Problem to solve ▸ From the line with "#35511 = DIRECTION( '', ( 0., 1., 0. ) );" to the line with "#79552 = VECTOR( '', #91623, 1000. );", retype every line exactly, including those two, and leave out the rest of the data below.

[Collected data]
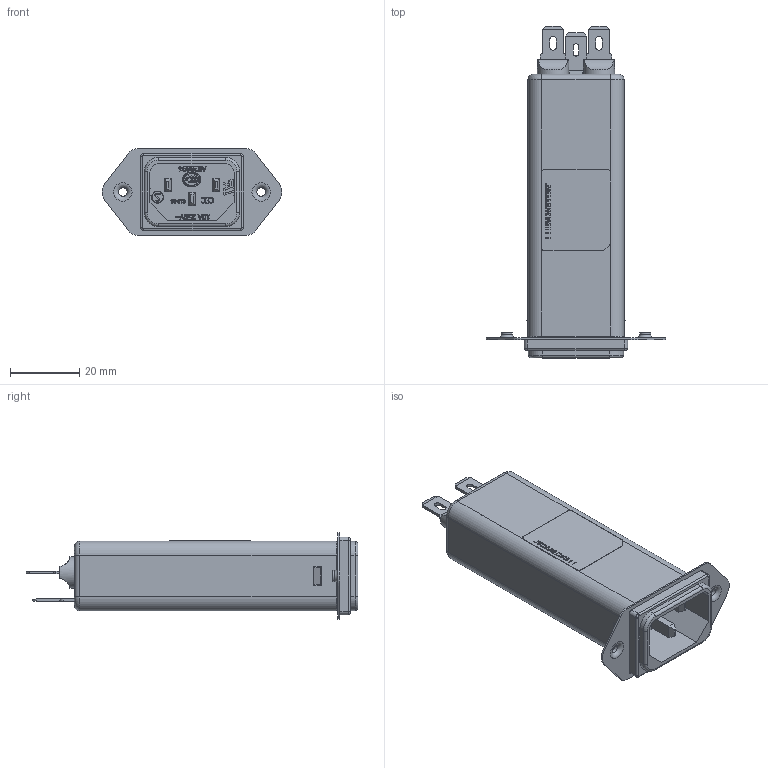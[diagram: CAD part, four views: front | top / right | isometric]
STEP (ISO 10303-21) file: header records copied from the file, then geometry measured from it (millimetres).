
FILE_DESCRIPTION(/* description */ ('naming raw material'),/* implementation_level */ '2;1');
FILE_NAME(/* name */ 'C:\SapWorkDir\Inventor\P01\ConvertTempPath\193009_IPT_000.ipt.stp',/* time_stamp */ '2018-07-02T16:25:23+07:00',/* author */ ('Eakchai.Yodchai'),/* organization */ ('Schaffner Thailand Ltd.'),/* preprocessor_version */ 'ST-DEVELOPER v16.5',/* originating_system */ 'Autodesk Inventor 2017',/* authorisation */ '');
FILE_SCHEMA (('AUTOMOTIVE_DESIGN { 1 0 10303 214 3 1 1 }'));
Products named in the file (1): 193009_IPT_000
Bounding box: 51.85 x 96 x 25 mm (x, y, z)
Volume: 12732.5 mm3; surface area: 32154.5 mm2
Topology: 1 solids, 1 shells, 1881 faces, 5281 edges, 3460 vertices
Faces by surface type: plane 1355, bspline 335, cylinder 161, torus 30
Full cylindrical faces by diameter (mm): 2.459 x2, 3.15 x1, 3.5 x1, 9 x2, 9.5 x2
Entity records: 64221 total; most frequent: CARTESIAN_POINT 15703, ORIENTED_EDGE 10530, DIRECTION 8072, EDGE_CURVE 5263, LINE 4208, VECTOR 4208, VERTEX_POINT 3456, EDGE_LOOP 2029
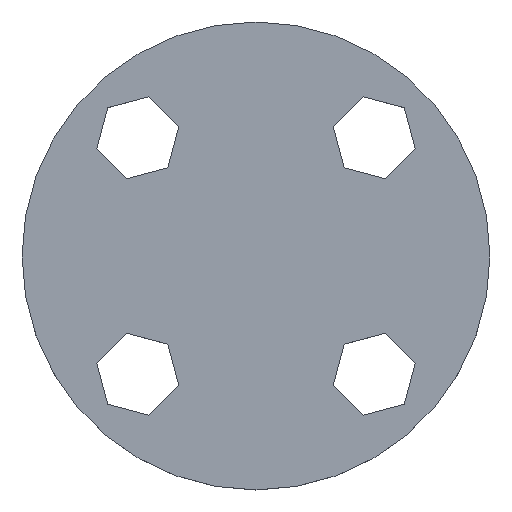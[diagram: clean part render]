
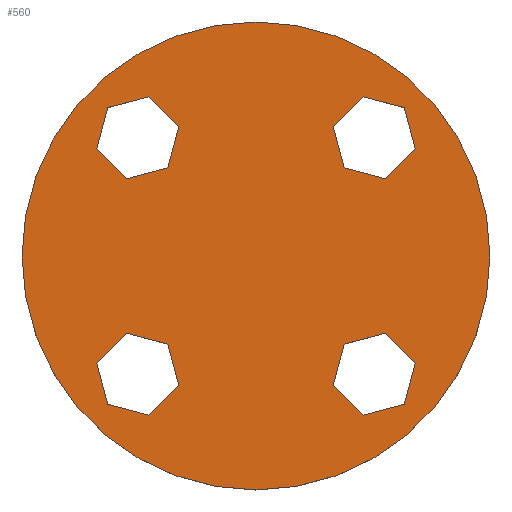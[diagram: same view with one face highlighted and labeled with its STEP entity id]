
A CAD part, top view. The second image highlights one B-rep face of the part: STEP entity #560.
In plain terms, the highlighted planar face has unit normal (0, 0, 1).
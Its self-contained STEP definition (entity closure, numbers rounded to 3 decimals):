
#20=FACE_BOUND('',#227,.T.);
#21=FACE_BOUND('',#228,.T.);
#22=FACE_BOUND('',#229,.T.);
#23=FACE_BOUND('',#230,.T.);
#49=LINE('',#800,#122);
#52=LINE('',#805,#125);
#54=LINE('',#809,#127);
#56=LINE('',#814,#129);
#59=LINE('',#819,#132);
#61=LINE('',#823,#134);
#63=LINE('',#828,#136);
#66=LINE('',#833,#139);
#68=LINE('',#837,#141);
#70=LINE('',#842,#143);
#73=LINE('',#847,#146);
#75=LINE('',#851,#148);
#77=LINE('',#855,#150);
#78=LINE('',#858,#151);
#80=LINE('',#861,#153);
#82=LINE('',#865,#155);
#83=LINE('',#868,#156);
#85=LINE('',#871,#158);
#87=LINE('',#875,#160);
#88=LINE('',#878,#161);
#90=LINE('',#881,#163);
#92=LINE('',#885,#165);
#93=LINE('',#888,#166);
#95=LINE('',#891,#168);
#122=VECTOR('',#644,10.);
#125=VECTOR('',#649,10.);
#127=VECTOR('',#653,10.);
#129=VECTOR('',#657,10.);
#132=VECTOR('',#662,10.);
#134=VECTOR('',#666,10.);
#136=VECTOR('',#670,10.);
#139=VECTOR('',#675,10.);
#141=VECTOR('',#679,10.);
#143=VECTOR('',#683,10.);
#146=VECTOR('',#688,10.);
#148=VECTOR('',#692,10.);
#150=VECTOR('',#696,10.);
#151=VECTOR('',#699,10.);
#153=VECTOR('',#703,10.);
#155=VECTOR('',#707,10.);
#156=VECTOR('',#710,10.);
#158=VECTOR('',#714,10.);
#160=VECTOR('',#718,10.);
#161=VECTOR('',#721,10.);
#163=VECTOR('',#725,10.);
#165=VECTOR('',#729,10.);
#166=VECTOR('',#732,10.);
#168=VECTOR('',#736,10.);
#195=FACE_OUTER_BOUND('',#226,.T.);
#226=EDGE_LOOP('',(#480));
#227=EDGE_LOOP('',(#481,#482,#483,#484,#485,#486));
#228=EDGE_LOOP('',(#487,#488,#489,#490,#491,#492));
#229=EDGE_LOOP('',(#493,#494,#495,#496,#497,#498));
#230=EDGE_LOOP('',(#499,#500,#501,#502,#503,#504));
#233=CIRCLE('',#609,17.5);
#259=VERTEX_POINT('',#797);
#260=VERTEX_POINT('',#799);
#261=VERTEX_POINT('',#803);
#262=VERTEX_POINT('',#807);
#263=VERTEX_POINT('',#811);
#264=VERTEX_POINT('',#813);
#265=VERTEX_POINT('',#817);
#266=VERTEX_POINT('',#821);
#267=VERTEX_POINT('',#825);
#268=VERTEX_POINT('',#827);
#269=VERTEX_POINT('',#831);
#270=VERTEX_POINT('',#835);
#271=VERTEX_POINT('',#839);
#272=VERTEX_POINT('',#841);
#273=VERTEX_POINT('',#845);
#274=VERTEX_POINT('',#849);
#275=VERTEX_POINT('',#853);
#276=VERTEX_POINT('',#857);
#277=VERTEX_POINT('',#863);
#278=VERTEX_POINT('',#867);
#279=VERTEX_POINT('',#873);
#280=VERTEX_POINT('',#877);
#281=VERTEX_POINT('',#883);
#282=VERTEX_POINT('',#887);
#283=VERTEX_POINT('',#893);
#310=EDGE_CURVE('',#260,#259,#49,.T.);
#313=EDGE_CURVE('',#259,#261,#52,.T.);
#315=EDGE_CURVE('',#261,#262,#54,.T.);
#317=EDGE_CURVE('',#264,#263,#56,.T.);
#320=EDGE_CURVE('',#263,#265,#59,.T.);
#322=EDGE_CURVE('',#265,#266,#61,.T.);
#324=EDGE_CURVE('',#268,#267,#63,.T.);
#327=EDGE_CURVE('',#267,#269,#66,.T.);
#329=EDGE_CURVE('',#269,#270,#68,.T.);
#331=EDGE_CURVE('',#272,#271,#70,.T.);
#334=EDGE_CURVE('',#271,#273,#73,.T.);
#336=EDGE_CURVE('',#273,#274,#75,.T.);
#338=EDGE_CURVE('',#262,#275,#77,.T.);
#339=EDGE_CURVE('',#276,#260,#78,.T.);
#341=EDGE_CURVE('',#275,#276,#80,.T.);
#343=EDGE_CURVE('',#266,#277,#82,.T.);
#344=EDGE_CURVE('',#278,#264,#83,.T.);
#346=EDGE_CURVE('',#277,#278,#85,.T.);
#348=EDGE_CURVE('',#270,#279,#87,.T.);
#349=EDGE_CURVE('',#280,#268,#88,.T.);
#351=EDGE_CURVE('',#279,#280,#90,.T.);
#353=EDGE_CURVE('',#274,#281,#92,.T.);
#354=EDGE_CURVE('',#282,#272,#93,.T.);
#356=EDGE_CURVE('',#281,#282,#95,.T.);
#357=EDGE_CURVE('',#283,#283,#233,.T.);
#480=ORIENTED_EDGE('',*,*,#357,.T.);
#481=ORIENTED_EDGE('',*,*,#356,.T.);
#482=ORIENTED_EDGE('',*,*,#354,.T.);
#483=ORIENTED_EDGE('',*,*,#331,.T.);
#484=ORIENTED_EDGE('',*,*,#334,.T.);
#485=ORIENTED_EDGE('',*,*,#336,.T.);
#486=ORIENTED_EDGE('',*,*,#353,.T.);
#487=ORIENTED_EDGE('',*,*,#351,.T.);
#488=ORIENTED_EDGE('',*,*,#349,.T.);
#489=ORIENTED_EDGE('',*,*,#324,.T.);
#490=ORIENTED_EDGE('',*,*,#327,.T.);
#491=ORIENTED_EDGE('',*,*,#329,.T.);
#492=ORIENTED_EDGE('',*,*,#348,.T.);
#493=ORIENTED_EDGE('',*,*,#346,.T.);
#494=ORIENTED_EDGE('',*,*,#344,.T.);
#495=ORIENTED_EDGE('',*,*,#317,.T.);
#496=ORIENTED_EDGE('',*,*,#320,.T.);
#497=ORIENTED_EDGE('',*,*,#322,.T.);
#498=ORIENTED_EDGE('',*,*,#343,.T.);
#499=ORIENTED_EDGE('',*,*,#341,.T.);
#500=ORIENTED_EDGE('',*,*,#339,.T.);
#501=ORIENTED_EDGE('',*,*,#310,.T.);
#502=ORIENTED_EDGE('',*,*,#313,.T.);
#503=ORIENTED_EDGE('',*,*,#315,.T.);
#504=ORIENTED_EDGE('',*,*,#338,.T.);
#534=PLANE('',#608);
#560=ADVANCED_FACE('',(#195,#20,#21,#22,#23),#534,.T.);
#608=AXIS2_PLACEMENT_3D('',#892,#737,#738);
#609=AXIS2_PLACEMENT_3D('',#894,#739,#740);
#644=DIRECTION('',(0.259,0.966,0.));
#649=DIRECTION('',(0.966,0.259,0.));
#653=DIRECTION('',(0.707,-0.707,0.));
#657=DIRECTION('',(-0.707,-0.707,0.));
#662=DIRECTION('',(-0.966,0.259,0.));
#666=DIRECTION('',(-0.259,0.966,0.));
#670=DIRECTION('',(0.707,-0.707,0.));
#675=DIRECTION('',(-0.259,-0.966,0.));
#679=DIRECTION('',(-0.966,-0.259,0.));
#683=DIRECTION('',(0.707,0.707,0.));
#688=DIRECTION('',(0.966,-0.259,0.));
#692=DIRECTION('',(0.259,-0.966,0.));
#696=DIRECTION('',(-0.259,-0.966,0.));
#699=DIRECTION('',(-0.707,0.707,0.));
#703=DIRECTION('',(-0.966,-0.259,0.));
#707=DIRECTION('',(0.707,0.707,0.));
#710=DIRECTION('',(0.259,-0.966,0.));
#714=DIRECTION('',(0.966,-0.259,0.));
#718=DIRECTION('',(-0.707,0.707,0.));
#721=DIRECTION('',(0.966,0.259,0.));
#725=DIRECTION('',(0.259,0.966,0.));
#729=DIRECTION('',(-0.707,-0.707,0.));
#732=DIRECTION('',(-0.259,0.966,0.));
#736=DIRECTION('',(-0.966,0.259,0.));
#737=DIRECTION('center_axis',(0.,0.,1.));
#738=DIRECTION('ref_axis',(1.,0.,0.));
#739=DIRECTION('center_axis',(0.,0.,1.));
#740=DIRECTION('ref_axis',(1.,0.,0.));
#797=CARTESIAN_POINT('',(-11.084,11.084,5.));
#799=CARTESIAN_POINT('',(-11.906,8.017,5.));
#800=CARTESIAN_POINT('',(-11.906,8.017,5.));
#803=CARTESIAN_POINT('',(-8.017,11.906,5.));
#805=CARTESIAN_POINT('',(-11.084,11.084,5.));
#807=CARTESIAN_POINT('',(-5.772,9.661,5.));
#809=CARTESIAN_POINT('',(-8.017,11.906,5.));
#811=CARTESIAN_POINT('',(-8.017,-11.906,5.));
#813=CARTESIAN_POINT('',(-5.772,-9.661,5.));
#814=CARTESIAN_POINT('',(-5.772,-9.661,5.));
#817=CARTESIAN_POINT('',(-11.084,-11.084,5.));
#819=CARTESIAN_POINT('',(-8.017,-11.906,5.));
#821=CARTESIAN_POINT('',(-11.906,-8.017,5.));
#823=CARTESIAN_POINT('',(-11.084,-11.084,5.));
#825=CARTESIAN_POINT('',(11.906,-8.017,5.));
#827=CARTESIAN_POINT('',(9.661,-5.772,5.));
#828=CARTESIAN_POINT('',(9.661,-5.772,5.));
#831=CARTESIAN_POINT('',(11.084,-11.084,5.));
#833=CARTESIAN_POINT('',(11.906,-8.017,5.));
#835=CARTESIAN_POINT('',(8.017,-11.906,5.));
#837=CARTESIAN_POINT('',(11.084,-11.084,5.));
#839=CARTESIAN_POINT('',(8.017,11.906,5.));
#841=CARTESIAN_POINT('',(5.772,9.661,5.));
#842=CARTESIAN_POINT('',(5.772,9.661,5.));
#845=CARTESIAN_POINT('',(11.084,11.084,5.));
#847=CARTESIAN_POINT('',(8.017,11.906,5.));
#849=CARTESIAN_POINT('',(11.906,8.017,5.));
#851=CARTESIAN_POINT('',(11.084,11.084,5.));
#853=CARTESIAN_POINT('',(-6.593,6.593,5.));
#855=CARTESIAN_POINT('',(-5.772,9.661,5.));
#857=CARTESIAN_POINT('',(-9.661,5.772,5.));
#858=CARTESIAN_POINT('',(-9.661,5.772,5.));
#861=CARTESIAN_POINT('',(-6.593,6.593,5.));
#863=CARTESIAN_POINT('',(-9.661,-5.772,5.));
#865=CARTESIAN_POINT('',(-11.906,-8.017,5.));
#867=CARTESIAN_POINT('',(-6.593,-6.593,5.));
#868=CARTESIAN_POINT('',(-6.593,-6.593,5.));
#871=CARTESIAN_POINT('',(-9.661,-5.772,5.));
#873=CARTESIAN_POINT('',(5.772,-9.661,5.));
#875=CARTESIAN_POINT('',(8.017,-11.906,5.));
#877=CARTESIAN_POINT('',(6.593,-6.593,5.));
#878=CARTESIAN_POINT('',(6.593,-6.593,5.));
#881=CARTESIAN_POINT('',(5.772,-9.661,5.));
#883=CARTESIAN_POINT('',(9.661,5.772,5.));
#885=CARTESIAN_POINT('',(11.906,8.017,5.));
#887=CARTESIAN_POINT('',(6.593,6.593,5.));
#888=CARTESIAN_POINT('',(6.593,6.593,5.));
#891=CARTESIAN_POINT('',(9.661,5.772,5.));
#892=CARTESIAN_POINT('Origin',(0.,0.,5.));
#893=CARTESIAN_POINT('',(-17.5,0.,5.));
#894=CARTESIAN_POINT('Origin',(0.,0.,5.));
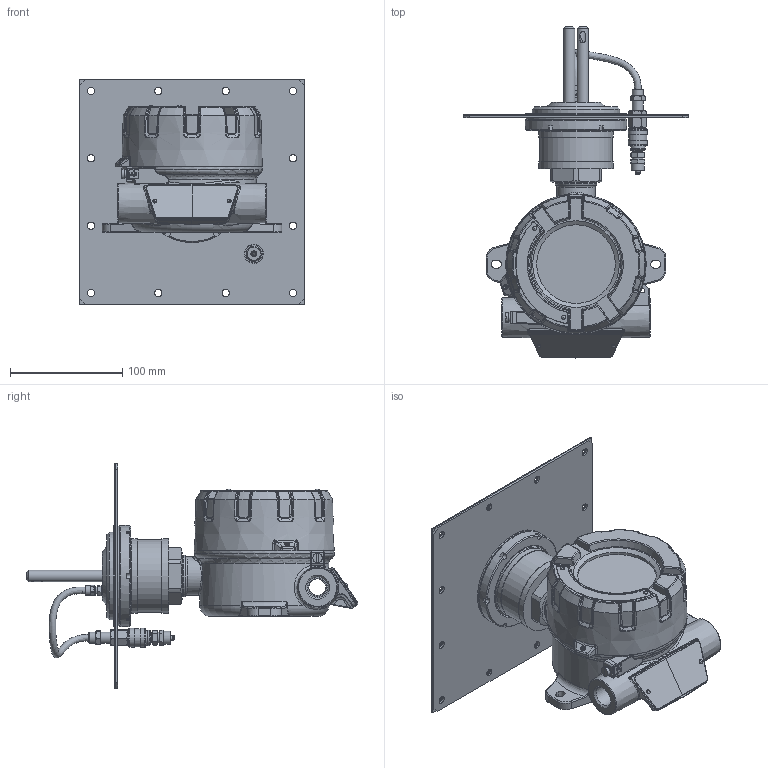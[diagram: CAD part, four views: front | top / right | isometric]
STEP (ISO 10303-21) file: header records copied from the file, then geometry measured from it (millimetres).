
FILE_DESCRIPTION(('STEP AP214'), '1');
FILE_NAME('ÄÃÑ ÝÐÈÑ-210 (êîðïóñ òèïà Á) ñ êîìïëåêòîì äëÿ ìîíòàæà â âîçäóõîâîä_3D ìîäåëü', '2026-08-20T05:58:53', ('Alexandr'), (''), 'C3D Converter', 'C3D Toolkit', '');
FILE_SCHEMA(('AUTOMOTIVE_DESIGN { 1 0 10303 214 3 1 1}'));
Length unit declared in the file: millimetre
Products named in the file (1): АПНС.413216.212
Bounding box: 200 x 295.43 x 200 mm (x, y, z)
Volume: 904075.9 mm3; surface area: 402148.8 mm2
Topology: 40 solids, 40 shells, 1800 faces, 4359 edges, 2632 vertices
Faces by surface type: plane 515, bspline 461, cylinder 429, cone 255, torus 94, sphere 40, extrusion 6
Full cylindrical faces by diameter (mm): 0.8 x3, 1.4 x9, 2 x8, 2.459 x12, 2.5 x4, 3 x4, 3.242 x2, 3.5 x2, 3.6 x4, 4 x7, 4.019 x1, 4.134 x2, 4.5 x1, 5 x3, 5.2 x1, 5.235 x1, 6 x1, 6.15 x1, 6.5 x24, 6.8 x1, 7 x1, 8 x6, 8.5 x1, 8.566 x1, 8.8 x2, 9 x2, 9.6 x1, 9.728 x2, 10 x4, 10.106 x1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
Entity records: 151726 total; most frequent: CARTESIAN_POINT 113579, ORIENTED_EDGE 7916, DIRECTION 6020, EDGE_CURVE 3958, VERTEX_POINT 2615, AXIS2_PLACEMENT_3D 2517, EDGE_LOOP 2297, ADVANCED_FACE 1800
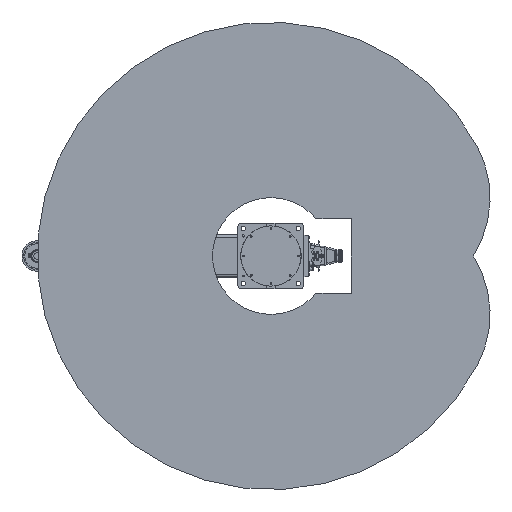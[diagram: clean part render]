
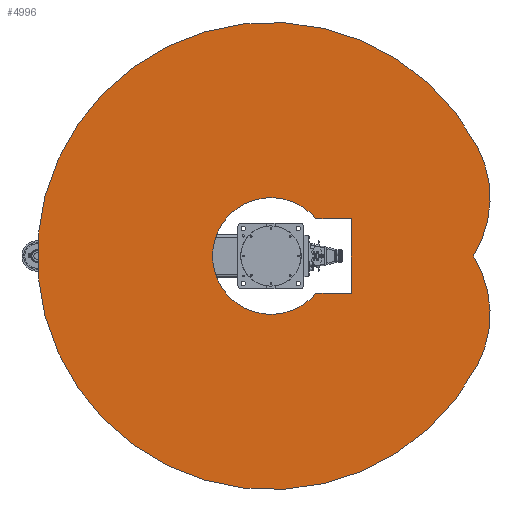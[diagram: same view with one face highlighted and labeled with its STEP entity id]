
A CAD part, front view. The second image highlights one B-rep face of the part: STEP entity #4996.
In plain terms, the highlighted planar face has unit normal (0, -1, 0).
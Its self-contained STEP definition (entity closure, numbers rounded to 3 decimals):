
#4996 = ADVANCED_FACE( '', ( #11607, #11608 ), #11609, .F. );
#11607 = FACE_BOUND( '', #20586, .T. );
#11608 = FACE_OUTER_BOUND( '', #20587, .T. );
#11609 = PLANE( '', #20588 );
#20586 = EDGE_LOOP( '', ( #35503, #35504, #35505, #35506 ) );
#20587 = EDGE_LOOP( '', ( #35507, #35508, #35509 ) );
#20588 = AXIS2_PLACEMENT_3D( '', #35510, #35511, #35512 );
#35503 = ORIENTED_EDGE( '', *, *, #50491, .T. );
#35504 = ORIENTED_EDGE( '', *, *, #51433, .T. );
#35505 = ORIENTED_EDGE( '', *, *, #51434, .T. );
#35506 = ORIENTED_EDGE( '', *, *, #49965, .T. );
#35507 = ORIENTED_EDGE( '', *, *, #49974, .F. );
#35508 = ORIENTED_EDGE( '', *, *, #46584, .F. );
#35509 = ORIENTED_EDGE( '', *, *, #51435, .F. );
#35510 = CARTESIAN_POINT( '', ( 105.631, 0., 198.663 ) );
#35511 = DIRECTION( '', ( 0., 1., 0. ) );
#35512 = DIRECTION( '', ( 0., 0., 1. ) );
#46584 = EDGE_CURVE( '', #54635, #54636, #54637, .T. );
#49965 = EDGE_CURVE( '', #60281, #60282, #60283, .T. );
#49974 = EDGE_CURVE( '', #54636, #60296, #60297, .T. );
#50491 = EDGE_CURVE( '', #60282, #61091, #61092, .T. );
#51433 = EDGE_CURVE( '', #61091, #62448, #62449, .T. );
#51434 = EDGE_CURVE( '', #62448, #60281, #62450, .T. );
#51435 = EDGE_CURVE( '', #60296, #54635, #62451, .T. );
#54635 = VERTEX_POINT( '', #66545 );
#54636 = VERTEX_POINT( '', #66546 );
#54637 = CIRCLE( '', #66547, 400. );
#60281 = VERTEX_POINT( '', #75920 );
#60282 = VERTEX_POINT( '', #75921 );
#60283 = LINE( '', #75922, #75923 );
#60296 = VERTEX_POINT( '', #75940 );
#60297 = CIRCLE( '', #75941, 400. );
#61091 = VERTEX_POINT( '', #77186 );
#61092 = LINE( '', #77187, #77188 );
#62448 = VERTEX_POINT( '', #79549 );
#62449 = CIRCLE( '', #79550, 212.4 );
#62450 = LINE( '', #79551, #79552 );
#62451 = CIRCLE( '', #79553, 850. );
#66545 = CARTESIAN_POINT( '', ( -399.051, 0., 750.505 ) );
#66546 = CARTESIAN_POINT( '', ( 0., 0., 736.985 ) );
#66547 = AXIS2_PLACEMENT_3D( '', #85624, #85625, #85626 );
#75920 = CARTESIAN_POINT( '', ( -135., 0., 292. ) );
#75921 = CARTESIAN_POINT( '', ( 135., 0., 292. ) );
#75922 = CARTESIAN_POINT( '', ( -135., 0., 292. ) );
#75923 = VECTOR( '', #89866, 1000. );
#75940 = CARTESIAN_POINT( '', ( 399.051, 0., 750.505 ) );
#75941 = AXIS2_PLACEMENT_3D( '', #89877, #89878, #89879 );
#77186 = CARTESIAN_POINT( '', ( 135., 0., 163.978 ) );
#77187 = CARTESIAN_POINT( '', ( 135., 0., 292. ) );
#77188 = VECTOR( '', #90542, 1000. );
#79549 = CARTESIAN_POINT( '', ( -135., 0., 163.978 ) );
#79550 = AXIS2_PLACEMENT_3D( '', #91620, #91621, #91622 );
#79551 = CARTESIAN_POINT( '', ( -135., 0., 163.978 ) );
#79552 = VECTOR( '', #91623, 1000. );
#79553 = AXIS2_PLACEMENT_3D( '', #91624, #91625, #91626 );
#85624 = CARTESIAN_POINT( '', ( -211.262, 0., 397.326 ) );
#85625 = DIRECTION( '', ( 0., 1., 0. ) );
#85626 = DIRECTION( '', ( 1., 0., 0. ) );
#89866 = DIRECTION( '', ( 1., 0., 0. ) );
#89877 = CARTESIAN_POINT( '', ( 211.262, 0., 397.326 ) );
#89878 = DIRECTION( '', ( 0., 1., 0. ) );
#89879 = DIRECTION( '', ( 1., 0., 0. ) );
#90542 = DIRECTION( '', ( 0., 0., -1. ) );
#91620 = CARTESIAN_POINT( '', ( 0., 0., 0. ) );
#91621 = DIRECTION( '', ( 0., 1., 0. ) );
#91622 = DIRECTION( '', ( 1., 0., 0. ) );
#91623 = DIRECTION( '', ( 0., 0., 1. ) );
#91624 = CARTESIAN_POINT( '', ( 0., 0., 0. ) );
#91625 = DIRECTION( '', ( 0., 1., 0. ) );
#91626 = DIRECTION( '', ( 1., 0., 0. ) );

Written reply ▸
#35511 = DIRECTION( '', ( 0., 1., 0. ) );
#35512 = DIRECTION( '', ( 0., 0., 1. ) );
#46584 = EDGE_CURVE( '', #54635, #54636, #54637, .T. );
#49965 = EDGE_CURVE( '', #60281, #60282, #60283, .T. );
#49974 = EDGE_CURVE( '', #54636, #60296, #60297, .T. );
#50491 = EDGE_CURVE( '', #60282, #61091, #61092, .T. );
#51433 = EDGE_CURVE( '', #61091, #62448, #62449, .T. );
#51434 = EDGE_CURVE( '', #62448, #60281, #62450, .T. );
#51435 = EDGE_CURVE( '', #60296, #54635, #62451, .T. );
#54635 = VERTEX_POINT( '', #66545 );
#54636 = VERTEX_POINT( '', #66546 );
#54637 = CIRCLE( '', #66547, 400. );
#60281 = VERTEX_POINT( '', #75920 );
#60282 = VERTEX_POINT( '', #75921 );
#60283 = LINE( '', #75922, #75923 );
#60296 = VERTEX_POINT( '', #75940 );
#60297 = CIRCLE( '', #75941, 400. );
#61091 = VERTEX_POINT( '', #77186 );
#61092 = LINE( '', #77187, #77188 );
#62448 = VERTEX_POINT( '', #79549 );
#62449 = CIRCLE( '', #79550, 212.4 );
#62450 = LINE( '', #79551, #79552 );
#62451 = CIRCLE( '', #79553, 850. );
#66545 = CARTESIAN_POINT( '', ( -399.051, 0., 750.505 ) );
#66546 = CARTESIAN_POINT( '', ( 0., 0., 736.985 ) );
#66547 = AXIS2_PLACEMENT_3D( '', #85624, #85625, #85626 );
#75920 = CARTESIAN_POINT( '', ( -135., 0., 292. ) );
#75921 = CARTESIAN_POINT( '', ( 135., 0., 292. ) );
#75922 = CARTESIAN_POINT( '', ( -135., 0., 292. ) );
#75923 = VECTOR( '', #89866, 1000. );
#75940 = CARTESIAN_POINT( '', ( 399.051, 0., 750.505 ) );
#75941 = AXIS2_PLACEMENT_3D( '', #89877, #89878, #89879 );
#77186 = CARTESIAN_POINT( '', ( 135., 0., 163.978 ) );
#77187 = CARTESIAN_POINT( '', ( 135., 0., 292. ) );
#77188 = VECTOR( '', #90542, 1000. );
#79549 = CARTESIAN_POINT( '', ( -135., 0., 163.978 ) );
#79550 = AXIS2_PLACEMENT_3D( '', #91620, #91621, #91622 );
#79551 = CARTESIAN_POINT( '', ( -135., 0., 163.978 ) );
#79552 = VECTOR( '', #91623, 1000. );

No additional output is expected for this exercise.